Scriptwriter Laeta Kalogridis, adapting Dennis Lehane’s novel, clunkily drops in all manner of weighty contemporary topics – McCarthyism, the H-Bomb, the shadow of World War II, experimental psychiatry – but this is essentially a rather daft potboiler of a movie, self-consciously old-fashioned in its execution (it’s portentously shot, scored and edited) and unashamedly self-indulgent in its hommages to noir, drama and horror classics of the 1930s-60s.
Because the picture, punctuated with lengthy dream-sequences and hallucinations, deals with issues of perception and unreliable reality, Scorsese is able to get away with all manner of flubs (from Max Von Sydow’s very Swedish-sounding “German” accent to a supposedly “dead” child visibly shivering and breathing) which would otherwise lead to castigation.

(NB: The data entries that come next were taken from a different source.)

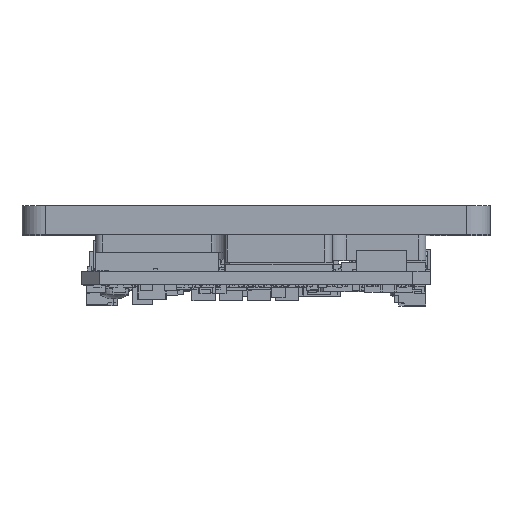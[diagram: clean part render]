
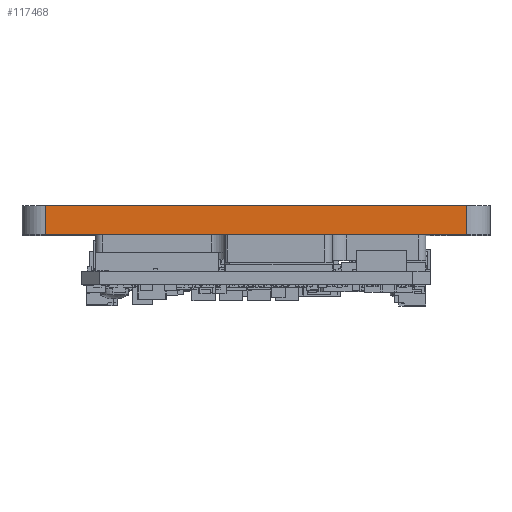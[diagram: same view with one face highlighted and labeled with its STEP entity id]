
A CAD part, top view. The second image highlights one B-rep face of the part: STEP entity #117468.
In plain terms, the highlighted planar face has unit normal (0, 0, 1).
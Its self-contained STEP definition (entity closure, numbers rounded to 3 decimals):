
#125 = EDGE_CURVE ( 'NONE', #115407, #5642, #107376, .T. ) ;
#2030 = EDGE_LOOP ( 'NONE', ( #95334, #63872, #131542, #88933 ) ) ;
#3554 = FACE_OUTER_BOUND ( 'NONE', #2030, .T. ) ;
#5642 = VERTEX_POINT ( 'NONE', #30923 ) ;
#14470 = VECTOR ( 'NONE', #96709, 1000. ) ;
#15189 = CARTESIAN_POINT ( 'NONE',  ( -24.5, 14., 29.5 ) ) ;
#30923 = CARTESIAN_POINT ( 'NONE',  ( -28.5, 18., 29.5 ) ) ;
#43825 = DIRECTION ( 'NONE',  ( 0., 1., 0. ) ) ;
#47326 = VECTOR ( 'NONE', #70069, 1000. ) ;
#54971 = CARTESIAN_POINT ( 'NONE',  ( 29.5, 18., 29.5 ) ) ;
#59359 = CARTESIAN_POINT ( 'NONE',  ( -24.5, 18., 29.5 ) ) ;
#60661 = DIRECTION ( 'NONE',  ( 0., 0., 1. ) ) ;
#60852 = DIRECTION ( 'NONE',  ( 0., -1., 0. ) ) ;
#63872 = ORIENTED_EDGE ( 'NONE', *, *, #91945, .T. ) ;
#70069 = DIRECTION ( 'NONE',  ( -1., 0., 0. ) ) ;
#72746 = CARTESIAN_POINT ( 'NONE',  ( 29.5, 14., 29.5 ) ) ;
#78154 = CARTESIAN_POINT ( 'NONE',  ( 29.5, 3.598, 29.5 ) ) ;
#83751 = LINE ( 'NONE', #108112, #95625 ) ;
#88933 = ORIENTED_EDGE ( 'NONE', *, *, #139920, .T. ) ;
#91945 = EDGE_CURVE ( 'NONE', #5642, #101004, #83751, .T. ) ;
#93010 = VECTOR ( 'NONE', #43825, 1000. ) ;
#94992 = DIRECTION ( 'NONE',  ( 1., 0., 0. ) ) ;
#95334 = ORIENTED_EDGE ( 'NONE', *, *, #125, .T. ) ;
#95625 = VECTOR ( 'NONE', #60852, 1000. ) ;
#96709 = DIRECTION ( 'NONE',  ( -1., 0., 0. ) ) ;
#101004 = VERTEX_POINT ( 'NONE', #131432 ) ;
#107376 = LINE ( 'NONE', #59359, #14470 ) ;
#108112 = CARTESIAN_POINT ( 'NONE',  ( -28.5, 28.391, 29.5 ) ) ;
#108150 = LINE ( 'NONE', #15189, #47326 ) ;
#115407 = VERTEX_POINT ( 'NONE', #54971 ) ;
#117468 = ADVANCED_FACE ( 'NONE', ( #3554 ), #118592, .T. ) ;
#118592 = PLANE ( 'NONE',  #119125 ) ;
#119125 = AXIS2_PLACEMENT_3D ( 'NONE', #142941, #60661, #94992 ) ;
#123815 = EDGE_CURVE ( 'NONE', #127390, #101004, #108150, .T. ) ;
#127390 = VERTEX_POINT ( 'NONE', #72746 ) ;
#131432 = CARTESIAN_POINT ( 'NONE',  ( -28.5, 14., 29.5 ) ) ;
#131542 = ORIENTED_EDGE ( 'NONE', *, *, #123815, .F. ) ;
#135320 = LINE ( 'NONE', #78154, #93010 ) ;
#139920 = EDGE_CURVE ( 'NONE', #127390, #115407, #135320, .T. ) ;
#142941 = CARTESIAN_POINT ( 'NONE',  ( -24.5, 25., 29.5 ) ) ;
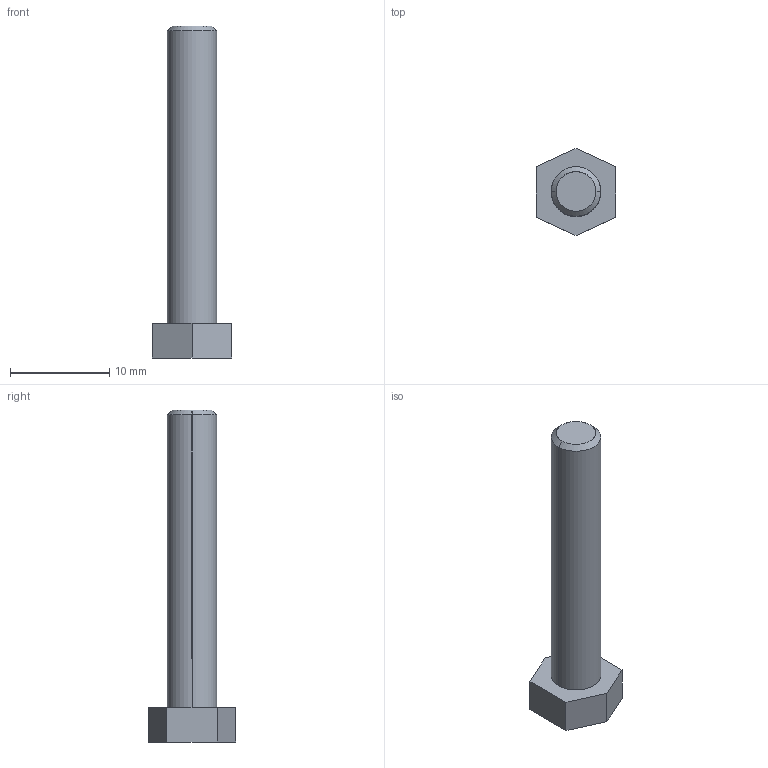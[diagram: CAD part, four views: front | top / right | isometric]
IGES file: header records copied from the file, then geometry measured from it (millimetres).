
Start section: SolidWorks IGES FILE using analytic representation for surfaces
Global section: file name: C:\Documents and Settings\lecoutey\Bureau\GR 62\54.100.10.IGS; native system: SolidWorks 2004 by SolidWorks Corporation; preprocessor: Version 5.3; author: lecoutey; date: 050330.160214; units: millimetre
Bounding box: 8 x 8.8 x 33.5 mm (x, y, z)
Surface area: 675.3 mm2 (no closed solid volume)
Topology: 0 solids, 0 shells, 13 faces, 116 edges, 116 vertices
Faces by surface type: bspline 9, revolution 4

We’re in ’anything-goes’ territory here – as Robert Frost remarked about free verse, it’s all a bit like “playing tennis with the net down.”
Intermittently channelling the kind of over-the-top grand guignol that worked just fine twenty-odd years ago in Alan Parker’s somewhat less self-satisfied Angel Heart (Shutter Island = Angel Heart + The Game + A Beautiful Mind + Shock Corridor), proceedings are fairly diverting on a scene-by-scene basis. The picture works best as a gallery of character-actors, with Patricia Clarkson, Jackie Earle Haley and Elias Koteas (it’s presumably a deliberate in-joke that he’s made up to resemble Robert De Niro in Frankenstein) among those making the absolute most of their single-scene extended cameos. But it turns out to be an awful lot of gong for distinctly underwhelming dinner, dribbling away into daft, rug-pulling implausibility during a bathetic final act.*
Part of the problem is DiCaprio, who, back in period duds so soon after posting a career-best turn in the decidedly superior Revolutionary Road, works extremely hard to convince us of the protagonist’s tormented psyche. Rather too hard, in fact – especially in contrast to the droller, much more laid-back work from his co-stars Mark Ruffalo (as his easy-going partner) and Ben Kingsley (as the institution’s suave-voiced chief shrink, calmly sailing through some of the most preposterous dialogue he’s ever been tasked with mouthing.)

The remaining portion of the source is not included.